━━━━━ Input ━━━━━

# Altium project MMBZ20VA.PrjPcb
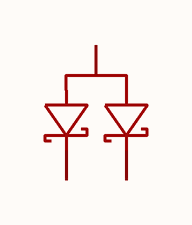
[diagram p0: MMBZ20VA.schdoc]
1 sheet, 1 parts. Net scope: global (net labels, ports and power ports of the same name join across sheets).

## Sheet MMBZ20VA.schdoc
size 127 x 101 mm

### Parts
U?  mmbz20va  [SOT-23-3_L2.9-W1.3-P1.90-LS2.4-BR]  (value not drawn)

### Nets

Not connected (* = marked no-connect by the designer): U? 1 2 3

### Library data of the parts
U? = mmbz20va: 极性:单向;反向截止电压(Vrwm):17V;钳位电压:28V;峰值脉冲电流(Ipp):1.4A;峰值脉冲功率(Ppp):40W;击穿电压(VBR):19V;; Manufacturer: JSMSEMI(杰盛微); AddInBom: yes; ModelId: c62791f0466c4ae2a892c056b845b0ca; ModelName: SOT-23-3P_L2.9-W1.3-H1.0-LS2.4-P0.95; ModelTransform: 98.425,114.173,0,180,0,0,0.0005,-0.0005,0; Polarity: 单向; Reverse Stand-Off Voltage (Vrwm): 17V; Clamping Voltage: 28V; Peak Pulse Current (Ipp): 1.4A; Peak Pulse Power Dissipation (Ppp): 40W; Voltage - Breakdown: 19V; Reverse Leakage Current (Ir): 50nA; Number of Channels: 双路
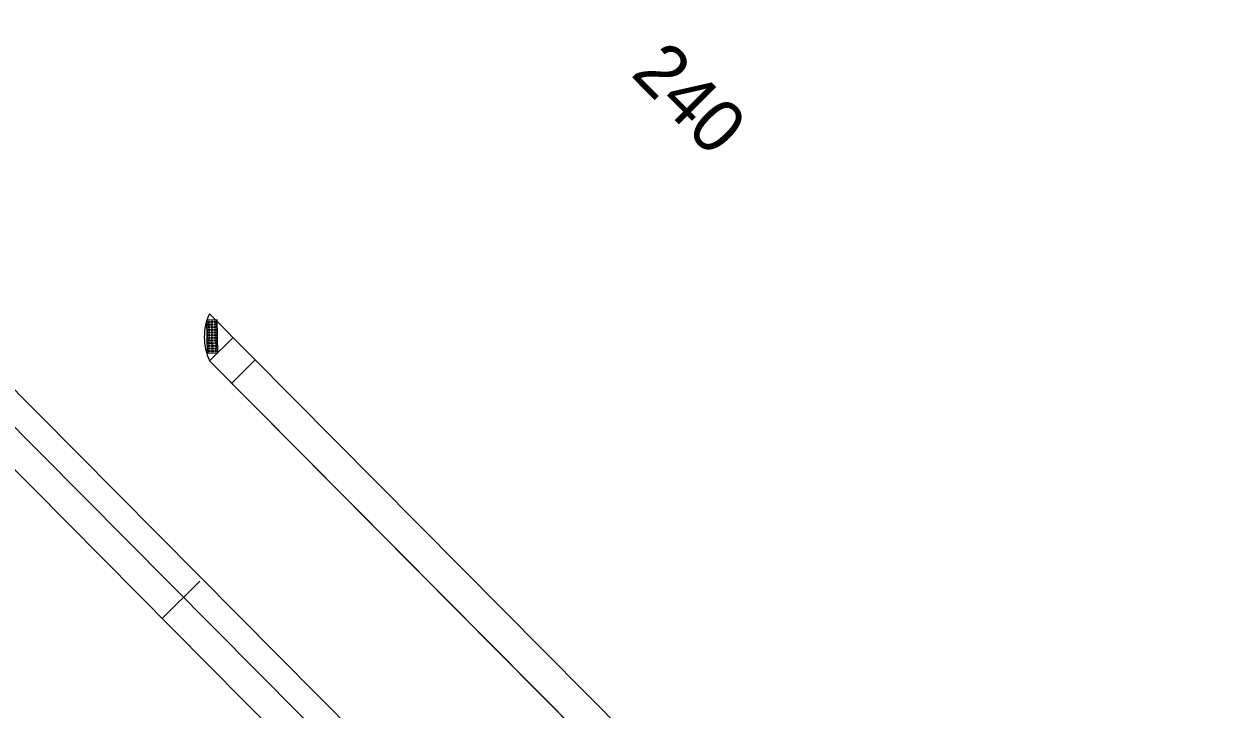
# Model space of a CAD drawing. Extents: x -5665 to 1997148, y 4 to 827579.
# Drawn here: x 1972306.3 to 1972485.9, y 801965 to 802068.6 of the extents above; entities that cross this region are included whole.
import ezdxf

# ---------------------------------------------------------------- set-up
doc = ezdxf.new("R2010")
doc.units = 0
for name, color, linetype in [('RD_HC_CL_Rel', 7, 'Continuous'), ('RD_HC_Data_Tic_Rel', 7, 'Continuous'), ('RD_HC_TX_Rel_Sta50', 7, 'Continuous'), ('RD_PD_SW', 7, 'Continuous')]:
    doc.layers.add(name, color=color, linetype=linetype)

msp = doc.modelspace()

# ---------------------------------------------------------------- linework, layer by layer
at = {"layer": 'RD_HC_CL_Rel'}
msp.add_line((1972119.32, 802188.01), (1972571.34, 801732.96), dxfattribs=at)
at = {"layer": 'RD_HC_Data_Tic_Rel'}
msp.add_line((1972327.22, 801978.71), (1972332.9, 801984.35), dxfattribs=at)
at = {"layer": 'RD_PD_SW'}
for p, q in [((1972334.33, 802024.76), (1972433.73, 801924.7)), ((1972423.87, 801934.63), (1972334.33, 802024.76)), ((1972406, 801911.46), (1972296.09, 802022.11)), ((1972334.37, 802017.64), (1972337.91, 802021.16)), ((1972334.37, 802017.64), (1972430.18, 801921.18)), ((1972334.37, 802017.64), (1972420.33, 801931.1)), ((1972337.71, 802014.27), (1972341.26, 802017.79))]:
    msp.add_line(p, q, dxfattribs=at)
msp.add_lwpolyline([(1972260.13, 802052.64), (1972269.55, 802043.16), (1972400.35, 801911.48), (1972403.17, 801908.64)], dxfattribs=at)
msp.add_lwpolyline([(1972335.62, 802018.85), (1972335.52, 802023.84), (1972333.92, 802023.81), (1972334.02, 802018.82)], close=True, dxfattribs=at)
for centre, radius in [((1972334.22, 802023.51), 0.146), ((1972334.23, 802023.11), 0.146), ((1972334.24, 802022.71), 0.146), ((1972334.22, 802023.51), 0.073), ((1972334.23, 802023.11), 0.073), ((1972334.24, 802022.71), 0.073), ((1972334.72, 802023.52), 0.146), ((1972334.73, 802023.12), 0.146), ((1972334.74, 802022.72), 0.146), ((1972334.72, 802023.52), 0.073), ((1972334.73, 802023.12), 0.073), ((1972334.74, 802022.72), 0.073), ((1972335.23, 802023.53), 0.146), ((1972335.24, 802023.13), 0.146), ((1972335.25, 802022.73), 0.146), ((1972335.23, 802023.53), 0.073), ((1972335.24, 802023.13), 0.073), ((1972335.25, 802022.73), 0.073), ((1972334.25, 802022.31), 0.146), ((1972334.25, 802021.91), 0.146), ((1972334.26, 802021.51), 0.146), ((1972334.27, 802021.11), 0.146), ((1972334.28, 802020.71), 0.146), ((1972334.25, 802022.31), 0.073), ((1972334.25, 802021.91), 0.073), ((1972334.26, 802021.51), 0.073), ((1972334.27, 802021.11), 0.073), ((1972334.28, 802020.71), 0.073), ((1972334.74, 802022.32), 0.146), ((1972334.75, 802021.92), 0.146), ((1972334.76, 802021.52), 0.146), ((1972334.77, 802021.12), 0.146), ((1972334.78, 802020.72), 0.146), ((1972334.74, 802022.32), 0.073), ((1972334.75, 802021.92), 0.073), ((1972334.76, 802021.52), 0.073), ((1972334.77, 802021.12), 0.073), ((1972334.78, 802020.72), 0.073), ((1972335.25, 802022.33), 0.146), ((1972335.26, 802021.93), 0.146), ((1972335.27, 802021.53), 0.146), ((1972335.28, 802021.13), 0.146), ((1972335.28, 802020.73), 0.146), ((1972335.25, 802022.33), 0.073), ((1972335.26, 802021.93), 0.073), ((1972335.27, 802021.53), 0.073), ((1972335.28, 802021.13), 0.073), ((1972335.28, 802020.73), 0.073), ((1972334.28, 802020.31), 0.146), ((1972334.29, 802019.91), 0.146), ((1972334.3, 802019.51), 0.146), ((1972334.31, 802019.11), 0.146), ((1972334.28, 802020.31), 0.073), ((1972334.29, 802019.91), 0.073), ((1972334.3, 802019.51), 0.073), ((1972334.31, 802019.11), 0.073), ((1972334.78, 802020.32), 0.146), ((1972334.79, 802019.92), 0.146), ((1972334.8, 802019.52), 0.146), ((1972334.81, 802019.12), 0.146), ((1972334.78, 802020.32), 0.073), ((1972334.79, 802019.92), 0.073), ((1972334.8, 802019.52), 0.073), ((1972334.81, 802019.12), 0.073), ((1972335.29, 802020.33), 0.146), ((1972335.3, 802019.93), 0.146), ((1972335.31, 802019.53), 0.146), ((1972335.32, 802019.13), 0.146), ((1972335.29, 802020.33), 0.073), ((1972335.3, 802019.93), 0.073), ((1972335.31, 802019.53), 0.073), ((1972335.32, 802019.13), 0.073)]:
    msp.add_circle(centre, radius, dxfattribs=at)
msp.add_arc((1972342.07, 802021.24), 8.5, 155.4764, 205.0592, dxfattribs=at)

# ---------------------------------------------------------------- texts
at = {"layer": 'RD_HC_TX_Rel_Sta50'}
msp.add_text('240', height=8, rotation=314.8091, dxfattribs=at).set_placement((1972397.85, 802060.86))

doc.saveas('drawing.dxf')
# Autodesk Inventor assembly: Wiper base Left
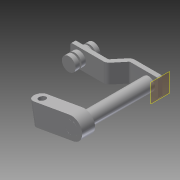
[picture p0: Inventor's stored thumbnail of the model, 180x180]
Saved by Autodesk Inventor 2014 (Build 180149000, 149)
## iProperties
Created: 2006-03
Part Number: Wiper base Left
Document SubType Name: Assembly
Designer: Autodesk, Inc.
Mass: 378.494 g
Surface Area: 188.994 cm^2
Volume: 48.8379 cm^3
Density: 7.75 g/cm^3
Author: Autodesk, Inc.
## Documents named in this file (5)
- C:\Users\iTools\Desktop\tutorial files\Dynamic Simulation 4\Components\Wiper base Left.iam
- C:\Users\iTools\Desktop\tutorial files\Dynamic Simulation 4\Components\Axis_Left.ipt
- C:\Users\iTools\Desktop\tutorial files\Dynamic Simulation 4\Components\Crank_left.ipt
- C:\Users\iTools\Desktop\tutorial files\Dynamic Simulation 4\Components\Wiper Support.ipt
- C:\Users\iTools\Desktop\tutorial files\Dynamic Simulation 4\Components\Pawn.ipt
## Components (5 placed, 4 different names)
1. Crank_left:1 — Mate:31, Mate:32, Mate:33, Mate:34, Mate:35, Mate:36, Insert:1
2. Axis_Left:1 — Mate:17, Flush:3, Angle:8, Mate:34, Mate:35, Mate:36
3. Wiper Support:1 — Mate:17, Flush:3, Angle:8
4. Pawn:2 — Insert:1, Insert:2
5. Pawn:1 — Insert:2
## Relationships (11: Mate 7, Insert 2, Flush 1, Angle 1)
- Mate:17: Axis_Left:1 ↔ Wiper Support:1
- Flush:3: Axis_Left:1 ↔ Wiper Support:1
- Angle:8: Axis_Left:1 ↔ Wiper Support:1
- Mate:31: Crank_left:1
- Mate:32: Crank_left:1
- Mate:33: Crank_left:1
- Mate:34: Crank_left:1 ↔ Axis_Left:1
- Mate:35: Crank_left:1 ↔ Axis_Left:1
- Mate:36: Crank_left:1 ↔ Axis_Left:1
- Insert:1: Crank_left:1 ↔ Pawn:2
- Insert:2: Pawn:2 ↔ Pawn:1

━━━━━

Exercise objective - Without any pictures, reproduce the lines from the first one in the material through the line that has "### Library data of the parts", exactly as they appear.

Answer box -
# Altium project MMBZ20VA.PrjPcb
[diagram p0: MMBZ20VA.schdoc]
1 sheet, 1 parts. Net scope: global (net labels, ports and power ports of the same name join across sheets).

## Sheet MMBZ20VA.schdoc
size 127 x 101 mm

### Parts
U?  mmbz20va  [SOT-23-3_L2.9-W1.3-P1.90-LS2.4-BR]  (value not drawn)

### Nets

Not connected (* = marked no-connect by the designer): U? 1 2 3

### Library data of the parts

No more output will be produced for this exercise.